[Records from a data source]
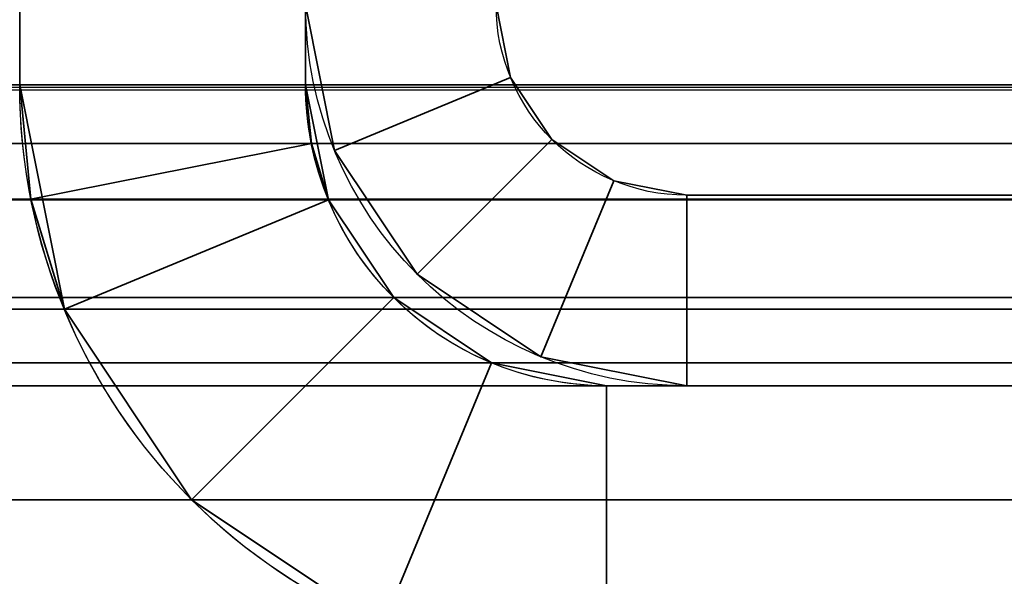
# Model space of a CAD drawing. Header units: millimetres. Extents: x -603 to 3703, y -120 to 193.
# Tile 774 of 938: x 3512.5 to 3517.67, y -49.5 to -46.58. Entities that reach past the tile are written whole.
import ezdxf

# ---------------------------------------------------------------- set-up
doc = ezdxf.new("R2010")
doc.units = ezdxf.units.MM
doc.layers.add('151', color=7, linetype='Continuous', true_color=0xffffff)

# ---------------------------------------------------------------- blocks, each defined once
blk = doc.blocks.new('UG_SURFACE_166')
at = {"layer": '151', "color": 252, "linetype": 'Continuous', "lineweight": 35}
for points in [[(2486.0001, -46.92, 2022.5), (3513.9999, -46.92, 2022.5), (3513.9999, 14.42, 2022.5), (2486.0001, 14.42, 2022.5)], [(2487.5, -46.92, 2020.9999), (2487.5, 14.42, 2020.9999), (3512.5, 14.42, 2020.9999), (3512.5, -46.92, 2020.9999)], [(3513.9999, 14.42, 2022.5), (3513.9999, -46.92, 2022.5), (3512.5, -46.92, 2020.9999), (3512.5, 14.42, 2020.9999)], [(2432.4999, -35, 2076), (2432.4999, -46.92, 2076), (3567.5001, -46.92, 2076), (3567.5001, -35, 2076)], [(2434, -35, 2074.5001), (3566, -35, 2074.5001), (3566, -46.92, 2074.5001), (2434, -46.92, 2074.5001)], [(3567.5001, -46.92, 2076), (2432.4999, -46.92, 2076), (2432.5593, -47.5209, 2075.9408)], [(3567.4407, -47.5209, 2075.9408), (3567.5001, -46.92, 2076), (2432.5593, -47.5209, 2075.9408)], [(2434.0303, -47.2282, 2074.4696), (2434, -46.92, 2074.5001), (3566, -46.92, 2074.5001)], [(2434.0303, -47.2282, 2074.4696), (3566, -46.92, 2074.5001), (3565.9697, -47.2282, 2074.4696)], [(3514.0305, -47.2282, 2022.5303), (2486.0001, -46.92, 2022.5), (2485.9695, -47.2282, 2022.5303)], [(3514.0305, -47.2282, 2022.5303), (3513.9999, -46.92, 2022.5), (2486.0001, -46.92, 2022.5)], [(2487.4408, -47.5209, 2021.0593), (3512.5, -46.92, 2020.9999), (3512.5592, -47.5209, 2021.0593)], [(2487.4408, -47.5209, 2021.0593), (2487.5, -46.92, 2020.9999), (3512.5, -46.92, 2020.9999)], [(3513.9999, -46.92, 2022.5), (3514.0305, -47.2282, 2022.5303), (3512.5592, -47.5209, 2021.0593), (3512.5, -46.92, 2020.9999)], [(3565.9697, -47.2282, 2074.4696), (3565.8798, -47.5246, 2074.3797), (2434.1202, -47.5246, 2074.3797), (2434.0303, -47.2282, 2074.4696)], [(2485.9695, -47.2282, 2022.5303), (2485.8797, -47.5246, 2022.6202), (3514.1203, -47.5246, 2022.6202)], [(2485.9695, -47.2282, 2022.5303), (3514.1203, -47.5246, 2022.6202), (3514.0305, -47.2282, 2022.5303)], [(3514.0305, -47.2282, 2022.5303), (3514.1203, -47.5246, 2022.6202), (3512.7344, -48.0987, 2021.2345), (3512.5592, -47.5209, 2021.0593)], [(2432.5593, -47.5209, 2075.9408), (2432.7345, -48.0987, 2075.7656), (3567.2655, -48.0987, 2075.7656), (3567.4407, -47.5209, 2075.9408)], [(3565.5372, -48.0372, 2074.0373), (2434.4628, -48.0372, 2074.0373), (2434.1202, -47.5246, 2074.3797), (3565.8798, -47.5246, 2074.3797)], [(3514.1203, -47.5246, 2022.6202), (2485.8797, -47.5246, 2022.6202), (2485.5373, -48.0372, 2022.9628), (3514.4627, -48.0372, 2022.9628)], [(3512.5592, -47.5209, 2021.0593), (2487.2656, -48.0987, 2021.2345), (2487.4408, -47.5209, 2021.0593)], [(3512.5592, -47.5209, 2021.0593), (3512.7344, -48.0987, 2021.2345), (2487.2656, -48.0987, 2021.2345)], [(3514.1203, -47.5246, 2022.6202), (3514.4627, -48.0372, 2022.9628), (3513.4022, -49.0979, 2021.9021), (3512.7344, -48.0987, 2021.2345)], [(3565.0246, -48.3797, 2073.5247), (2434.9754, -48.3797, 2073.5247), (2434.4628, -48.0372, 2074.0373), (3565.5372, -48.0372, 2074.0373)], [(3514.4627, -48.0372, 2022.9628), (2485.5373, -48.0372, 2022.9628), (2485.0247, -48.3797, 2023.4754), (3514.9753, -48.3797, 2023.4754)], [(3514.4014, -49.7655, 2022.9013), (3513.4022, -49.0979, 2021.9021), (3514.4627, -48.0372, 2022.9628), (3514.9753, -48.3797, 2023.4754)], [(3567.2655, -48.0987, 2075.7656), (2432.7345, -48.0987, 2075.7656), (2433.4021, -49.0979, 2075.0978), (3566.5979, -49.0979, 2075.0978)], [(3513.4022, -49.0979, 2021.9021), (2486.5978, -49.0979, 2021.9021), (2487.2656, -48.0987, 2021.2345), (3512.7344, -48.0987, 2021.2345)], [(3564.42, -48.5, 2072.9201), (2435.58, -48.5, 2072.9201), (2434.9754, -48.3797, 2073.5247), (3565.0246, -48.3797, 2073.5247)], [(3514.9753, -48.3797, 2023.4754), (2485.0247, -48.3797, 2023.4754), (2484.4201, -48.5, 2024.08), (3515.5799, -48.5, 2024.08)], [(3515.5799, -50, 2024.08), (3514.4014, -49.7655, 2022.9013), (3514.9753, -48.3797, 2023.4754), (3515.5799, -48.5, 2024.08)], [(2435.58, -48.5, 2072.9201), (3564.42, -48.5, 2072.9201), (3515.5799, -48.5, 2024.08), (2484.4201, -48.5, 2024.08)], [(3564.42, -50, 2072.9201), (3515.5799, -50, 2024.08), (3515.5799, -48.5, 2024.08), (3564.42, -48.5, 2072.9201)], [(3566.5979, -49.0979, 2075.0978), (2433.4021, -49.0979, 2075.0978), (2434.4013, -49.7655, 2074.0986), (3565.5987, -49.7655, 2074.0986)], [(3514.4014, -49.7655, 2022.9013), (2485.5986, -49.7655, 2022.9013), (2486.5978, -49.0979, 2021.9021), (3513.4022, -49.0979, 2021.9021)]]:
    blk.add_3dface(points, dxfattribs=at)
blk = doc.blocks.new('UG_SURFACE_167')
at = {"layer": '151', "color": 252, "linetype": 'Continuous', "lineweight": 35}
for points in [[(3512.5, -46.92, 2020.9999), (3512.5, 14.42, 2020.9999), (3512.5, 14.42, -7), (3512.5, -46.92, -7)], [(3512.5, -46.92, -7), (3512.5, 14.42, -7), (3513.9999, 14.42, -7), (3513.9999, -46.92, -7)], [(3513.9999, -46.92, 2022.5), (3513.9999, 14.42, 2022.5), (3512.5, 14.42, 2020.9999), (3512.5, -46.92, 2020.9999)], [(3513.9999, -46.92, 2022.5), (3513.9999, -46.92, -7), (3513.9999, 14.42, -7), (3513.9999, 14.42, 2022.5)], [(3512.5592, -47.5209, 2021.0593), (3512.5, -46.92, -7), (3512.7344, -48.0987, -7)], [(3512.5592, -47.5209, 2021.0593), (3512.5, -46.92, 2020.9999), (3512.5, -46.92, -7)], [(3513.9999, -46.92, -7), (3514.1203, -47.5246, -7), (3512.7344, -48.0987, -7), (3512.5, -46.92, -7)], [(3512.5, -46.92, 2020.9999), (3512.5592, -47.5209, 2021.0593), (3514.0305, -47.2282, 2022.5303), (3513.9999, -46.92, 2022.5)], [(3514.1203, -47.5246, -7), (3513.9999, -46.92, -7), (3513.9999, -46.92, 2022.5)], [(3513.9999, -46.92, 2022.5), (3514.0305, -47.2282, 2022.5303), (3514.1203, -47.5246, -7)], [(3512.5592, -47.5209, 2021.0593), (3512.7344, -48.0987, 2021.2345), (3514.1203, -47.5246, 2022.6202), (3514.0305, -47.2282, 2022.5303)], [(3514.0305, -47.2282, 2022.5303), (3514.1203, -47.5246, 2022.6202), (3514.1203, -47.5246, -7)], [(3512.7344, -48.0987, -7), (3512.7344, -48.0987, 2021.2345), (3512.5592, -47.5209, 2021.0593)], [(3514.1203, -47.5246, -7), (3514.4627, -48.0372, -7), (3513.4022, -49.0979, -7), (3512.7344, -48.0987, -7)], [(3512.7344, -48.0987, 2021.2345), (3513.4022, -49.0979, 2021.9021), (3514.4627, -48.0372, 2022.9628), (3514.1203, -47.5246, 2022.6202)], [(3514.4627, -48.0372, 2022.9628), (3514.4627, -48.0372, -7), (3514.1203, -47.5246, -7), (3514.1203, -47.5246, 2022.6202)], [(3514.4014, -49.7655, -7), (3513.4022, -49.0979, -7), (3514.4627, -48.0372, -7), (3514.9753, -48.3797, -7)], [(3514.9753, -48.3797, 2023.4754), (3514.4627, -48.0372, 2022.9628), (3513.4022, -49.0979, 2021.9021), (3514.4014, -49.7655, 2022.9013)], [(3514.9753, -48.3797, 2023.4754), (3514.9753, -48.3797, -7), (3514.4627, -48.0372, -7), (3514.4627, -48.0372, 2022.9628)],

WORK TO COMPLETE. Your answer should be the lines from the opening of the records through the line with "each defined once", both ends retyped exactly and pictures left out.

WORKED SOLUTION.
# Model space of a CAD drawing. Header units: millimetres. Extents: x -603 to 3703, y -120 to 193.
# Tile 774 of 938: x 3512.5 to 3517.67, y -49.5 to -46.58. Entities that reach past the tile are written whole.
import ezdxf

# ---------------------------------------------------------------- set-up
doc = ezdxf.new("R2010")
doc.units = ezdxf.units.MM
doc.layers.add('151', color=7, linetype='Continuous', true_color=0xffffff)

# ---------------------------------------------------------------- blocks, each defined once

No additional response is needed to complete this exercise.